►

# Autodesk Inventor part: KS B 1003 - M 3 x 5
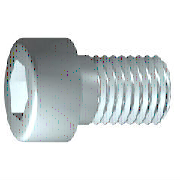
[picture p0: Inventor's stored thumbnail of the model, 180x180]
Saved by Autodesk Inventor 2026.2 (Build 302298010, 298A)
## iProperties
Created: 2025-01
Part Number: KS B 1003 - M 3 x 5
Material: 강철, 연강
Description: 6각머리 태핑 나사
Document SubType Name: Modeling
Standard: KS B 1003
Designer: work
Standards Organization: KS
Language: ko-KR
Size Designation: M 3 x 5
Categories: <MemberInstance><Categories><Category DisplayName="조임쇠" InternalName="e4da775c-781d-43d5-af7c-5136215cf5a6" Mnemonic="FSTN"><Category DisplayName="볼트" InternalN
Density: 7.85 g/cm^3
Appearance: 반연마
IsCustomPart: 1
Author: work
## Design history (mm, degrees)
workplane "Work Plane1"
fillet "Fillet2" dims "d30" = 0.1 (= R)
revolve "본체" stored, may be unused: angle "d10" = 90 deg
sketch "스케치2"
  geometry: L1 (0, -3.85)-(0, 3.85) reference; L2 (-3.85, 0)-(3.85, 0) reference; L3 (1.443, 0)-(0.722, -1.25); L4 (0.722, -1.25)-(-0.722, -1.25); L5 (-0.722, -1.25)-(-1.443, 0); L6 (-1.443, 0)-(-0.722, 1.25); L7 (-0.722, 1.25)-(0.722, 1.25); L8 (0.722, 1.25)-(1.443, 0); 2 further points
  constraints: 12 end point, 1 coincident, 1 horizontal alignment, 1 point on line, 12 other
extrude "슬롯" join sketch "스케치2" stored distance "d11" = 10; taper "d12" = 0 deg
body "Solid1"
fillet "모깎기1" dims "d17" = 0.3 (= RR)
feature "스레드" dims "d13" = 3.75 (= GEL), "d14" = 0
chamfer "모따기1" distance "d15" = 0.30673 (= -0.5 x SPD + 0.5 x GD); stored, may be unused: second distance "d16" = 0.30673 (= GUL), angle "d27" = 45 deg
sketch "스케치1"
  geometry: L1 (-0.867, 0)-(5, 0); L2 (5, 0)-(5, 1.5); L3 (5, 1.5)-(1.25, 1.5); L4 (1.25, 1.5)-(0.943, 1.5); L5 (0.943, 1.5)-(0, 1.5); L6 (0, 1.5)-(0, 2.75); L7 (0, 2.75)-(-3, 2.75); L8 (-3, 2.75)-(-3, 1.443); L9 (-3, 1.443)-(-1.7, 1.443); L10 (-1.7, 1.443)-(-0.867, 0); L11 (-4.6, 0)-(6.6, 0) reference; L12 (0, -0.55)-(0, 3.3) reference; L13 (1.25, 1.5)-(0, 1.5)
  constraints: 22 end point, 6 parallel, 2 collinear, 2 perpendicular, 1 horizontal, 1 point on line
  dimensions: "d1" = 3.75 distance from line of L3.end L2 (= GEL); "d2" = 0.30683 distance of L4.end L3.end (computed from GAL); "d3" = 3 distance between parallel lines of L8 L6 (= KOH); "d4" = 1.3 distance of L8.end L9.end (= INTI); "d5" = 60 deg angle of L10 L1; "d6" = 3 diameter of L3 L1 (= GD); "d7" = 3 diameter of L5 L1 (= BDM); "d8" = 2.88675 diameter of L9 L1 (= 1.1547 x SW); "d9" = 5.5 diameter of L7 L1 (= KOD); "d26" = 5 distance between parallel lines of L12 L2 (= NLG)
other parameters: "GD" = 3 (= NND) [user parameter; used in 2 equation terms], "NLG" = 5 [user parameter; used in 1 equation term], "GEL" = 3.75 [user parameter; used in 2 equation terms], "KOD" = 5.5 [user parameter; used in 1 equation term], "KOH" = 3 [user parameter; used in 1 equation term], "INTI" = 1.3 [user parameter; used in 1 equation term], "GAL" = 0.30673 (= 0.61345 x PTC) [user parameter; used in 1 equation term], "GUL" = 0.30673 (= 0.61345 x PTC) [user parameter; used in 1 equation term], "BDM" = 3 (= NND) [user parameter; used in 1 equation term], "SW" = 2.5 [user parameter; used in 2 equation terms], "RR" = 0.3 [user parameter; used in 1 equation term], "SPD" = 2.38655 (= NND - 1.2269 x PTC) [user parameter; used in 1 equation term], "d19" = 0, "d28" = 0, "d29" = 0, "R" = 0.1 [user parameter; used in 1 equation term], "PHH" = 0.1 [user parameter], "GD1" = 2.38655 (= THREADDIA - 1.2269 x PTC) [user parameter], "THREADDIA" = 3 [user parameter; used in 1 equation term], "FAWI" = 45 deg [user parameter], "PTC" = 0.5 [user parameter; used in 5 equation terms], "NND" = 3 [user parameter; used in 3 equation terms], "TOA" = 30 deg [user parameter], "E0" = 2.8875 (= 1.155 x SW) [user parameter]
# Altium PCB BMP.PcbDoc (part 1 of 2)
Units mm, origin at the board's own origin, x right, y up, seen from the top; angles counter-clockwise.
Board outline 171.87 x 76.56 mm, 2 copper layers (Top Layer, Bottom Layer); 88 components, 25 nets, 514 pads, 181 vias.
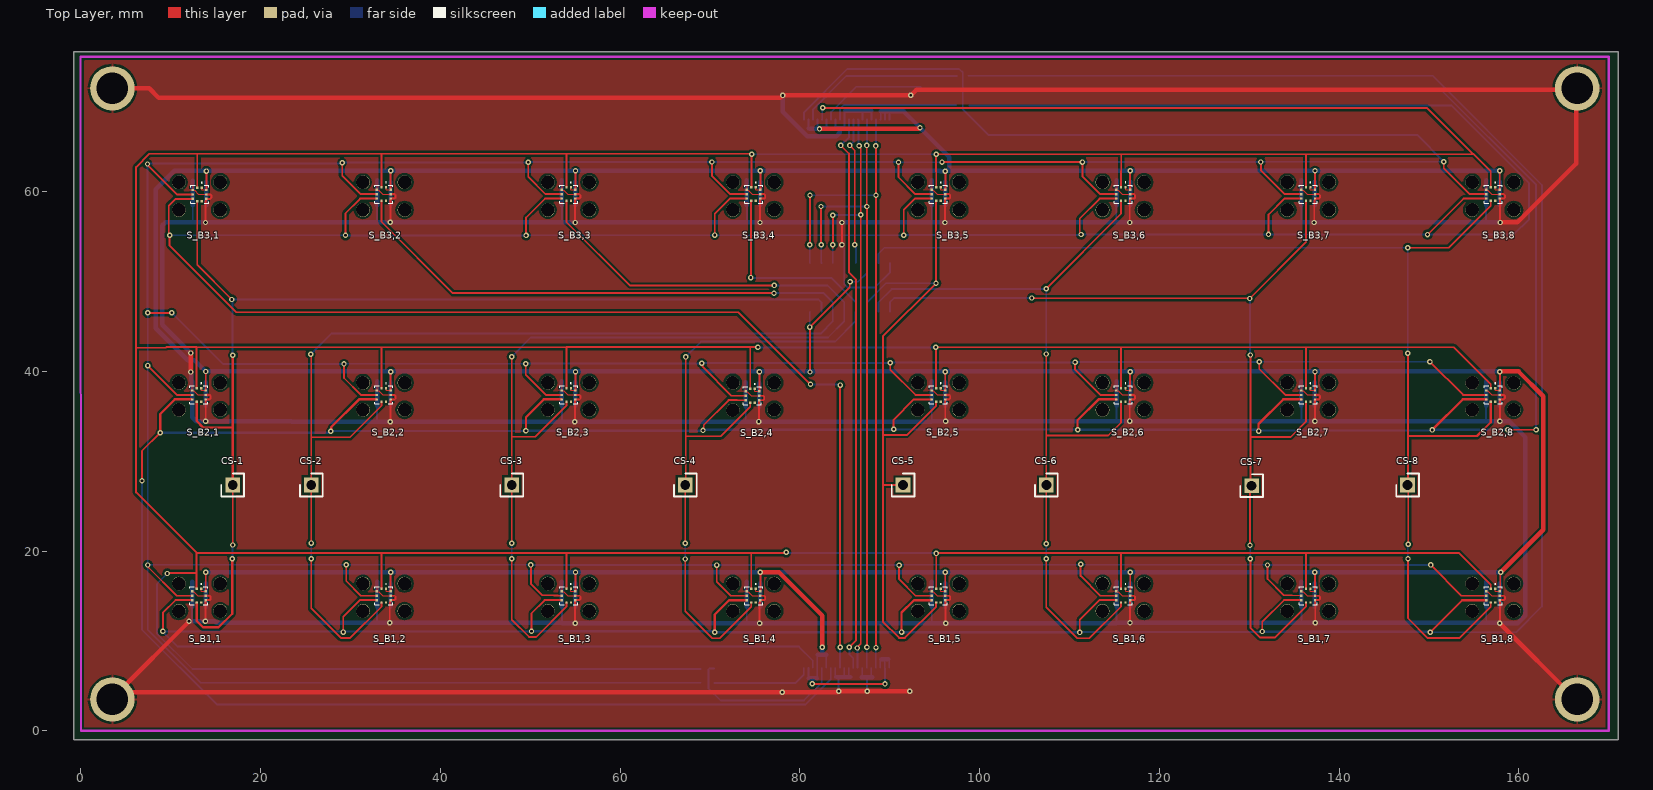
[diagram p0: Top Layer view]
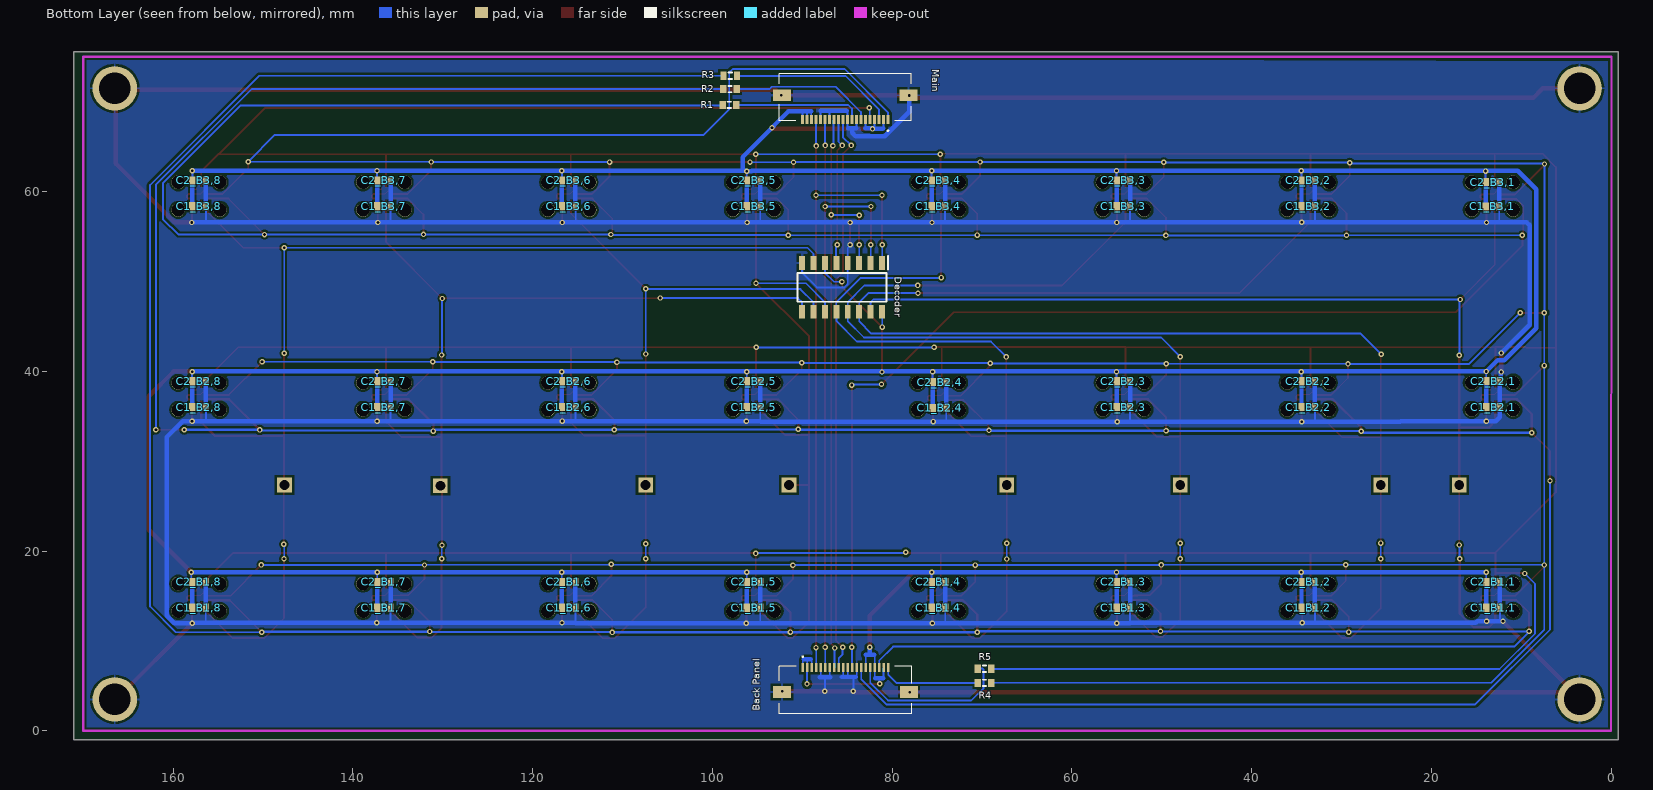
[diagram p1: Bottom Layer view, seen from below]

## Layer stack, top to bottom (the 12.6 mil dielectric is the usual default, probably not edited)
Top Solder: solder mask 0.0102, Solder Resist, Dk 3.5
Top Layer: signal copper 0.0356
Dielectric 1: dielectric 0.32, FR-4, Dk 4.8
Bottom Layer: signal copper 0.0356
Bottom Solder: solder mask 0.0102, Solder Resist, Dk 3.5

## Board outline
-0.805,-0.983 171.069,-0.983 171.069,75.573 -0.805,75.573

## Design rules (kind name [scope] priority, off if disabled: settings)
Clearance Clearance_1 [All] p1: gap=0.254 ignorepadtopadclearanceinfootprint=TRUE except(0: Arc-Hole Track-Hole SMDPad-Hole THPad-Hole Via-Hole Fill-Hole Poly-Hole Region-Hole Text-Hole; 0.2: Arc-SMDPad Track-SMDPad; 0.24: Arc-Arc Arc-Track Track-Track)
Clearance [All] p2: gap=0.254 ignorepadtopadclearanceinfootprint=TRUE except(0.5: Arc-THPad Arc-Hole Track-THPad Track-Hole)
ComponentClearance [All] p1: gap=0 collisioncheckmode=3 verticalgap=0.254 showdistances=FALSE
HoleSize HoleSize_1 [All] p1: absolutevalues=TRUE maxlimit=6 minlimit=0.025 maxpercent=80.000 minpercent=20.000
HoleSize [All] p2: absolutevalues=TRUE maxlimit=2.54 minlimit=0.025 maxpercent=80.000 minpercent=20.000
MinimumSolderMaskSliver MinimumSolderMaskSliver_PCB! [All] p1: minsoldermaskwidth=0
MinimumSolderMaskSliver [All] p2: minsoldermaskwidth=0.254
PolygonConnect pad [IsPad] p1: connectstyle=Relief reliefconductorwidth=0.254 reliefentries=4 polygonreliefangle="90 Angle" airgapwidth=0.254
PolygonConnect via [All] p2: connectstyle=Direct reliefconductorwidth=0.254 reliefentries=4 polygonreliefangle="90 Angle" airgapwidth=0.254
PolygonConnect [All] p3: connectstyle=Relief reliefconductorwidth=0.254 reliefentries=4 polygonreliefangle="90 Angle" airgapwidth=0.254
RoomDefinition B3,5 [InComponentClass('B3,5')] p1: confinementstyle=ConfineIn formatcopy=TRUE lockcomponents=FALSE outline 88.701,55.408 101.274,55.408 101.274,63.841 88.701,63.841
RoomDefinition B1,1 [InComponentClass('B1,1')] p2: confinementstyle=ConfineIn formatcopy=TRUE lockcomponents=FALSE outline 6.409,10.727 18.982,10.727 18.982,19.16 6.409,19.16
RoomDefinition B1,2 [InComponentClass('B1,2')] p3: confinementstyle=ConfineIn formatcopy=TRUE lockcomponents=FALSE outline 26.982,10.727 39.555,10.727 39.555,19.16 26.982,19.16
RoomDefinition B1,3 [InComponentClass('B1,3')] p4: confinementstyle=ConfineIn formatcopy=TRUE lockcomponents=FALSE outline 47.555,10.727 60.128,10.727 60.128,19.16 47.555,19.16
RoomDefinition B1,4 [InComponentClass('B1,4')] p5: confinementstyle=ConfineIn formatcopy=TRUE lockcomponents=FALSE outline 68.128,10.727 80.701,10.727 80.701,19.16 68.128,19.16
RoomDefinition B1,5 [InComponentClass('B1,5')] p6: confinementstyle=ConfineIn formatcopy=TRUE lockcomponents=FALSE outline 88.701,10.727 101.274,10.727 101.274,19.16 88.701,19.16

◄

--- Action item ---
Find the line with "## Layer stack, top" in the entries above. Retype it and each line after it, exactly, through the line with "RoomDefinition B1,2 [InComponentClass('B1,2')]", and stop there.

--- Exercise solution ---
## Layer stack, top to bottom (the 12.6 mil dielectric is the usual default, probably not edited)
Top Solder: solder mask 0.0102, Solder Resist, Dk 3.5
Top Layer: signal copper 0.0356
Dielectric 1: dielectric 0.32, FR-4, Dk 4.8
Bottom Layer: signal copper 0.0356
Bottom Solder: solder mask 0.0102, Solder Resist, Dk 3.5

## Board outline
-0.805,-0.983 171.069,-0.983 171.069,75.573 -0.805,75.573

## Design rules (kind name [scope] priority, off if disabled: settings)
Clearance Clearance_1 [All] p1: gap=0.254 ignorepadtopadclearanceinfootprint=TRUE except(0: Arc-Hole Track-Hole SMDPad-Hole THPad-Hole Via-Hole Fill-Hole Poly-Hole Region-Hole Text-Hole; 0.2: Arc-SMDPad Track-SMDPad; 0.24: Arc-Arc Arc-Track Track-Track)
Clearance [All] p2: gap=0.254 ignorepadtopadclearanceinfootprint=TRUE except(0.5: Arc-THPad Arc-Hole Track-THPad Track-Hole)
ComponentClearance [All] p1: gap=0 collisioncheckmode=3 verticalgap=0.254 showdistances=FALSE
HoleSize HoleSize_1 [All] p1: absolutevalues=TRUE maxlimit=6 minlimit=0.025 maxpercent=80.000 minpercent=20.000
HoleSize [All] p2: absolutevalues=TRUE maxlimit=2.54 minlimit=0.025 maxpercent=80.000 minpercent=20.000
MinimumSolderMaskSliver MinimumSolderMaskSliver_PCB! [All] p1: minsoldermaskwidth=0
MinimumSolderMaskSliver [All] p2: minsoldermaskwidth=0.254
PolygonConnect pad [IsPad] p1: connectstyle=Relief reliefconductorwidth=0.254 reliefentries=4 polygonreliefangle="90 Angle" airgapwidth=0.254
PolygonConnect via [All] p2: connectstyle=Direct reliefconductorwidth=0.254 reliefentries=4 polygonreliefangle="90 Angle" airgapwidth=0.254
PolygonConnect [All] p3: connectstyle=Relief reliefconductorwidth=0.254 reliefentries=4 polygonreliefangle="90 Angle" airgapwidth=0.254
RoomDefinition B3,5 [InComponentClass('B3,5')] p1: confinementstyle=ConfineIn formatcopy=TRUE lockcomponents=FALSE outline 88.701,55.408 101.274,55.408 101.274,63.841 88.701,63.841
RoomDefinition B1,1 [InComponentClass('B1,1')] p2: confinementstyle=ConfineIn formatcopy=TRUE lockcomponents=FALSE outline 6.409,10.727 18.982,10.727 18.982,19.16 6.409,19.16
RoomDefinition B1,2 [InComponentClass('B1,2')] p3: confinementstyle=ConfineIn formatcopy=TRUE lockcomponents=FALSE outline 26.982,10.727 39.555,10.727 39.555,19.16 26.982,19.16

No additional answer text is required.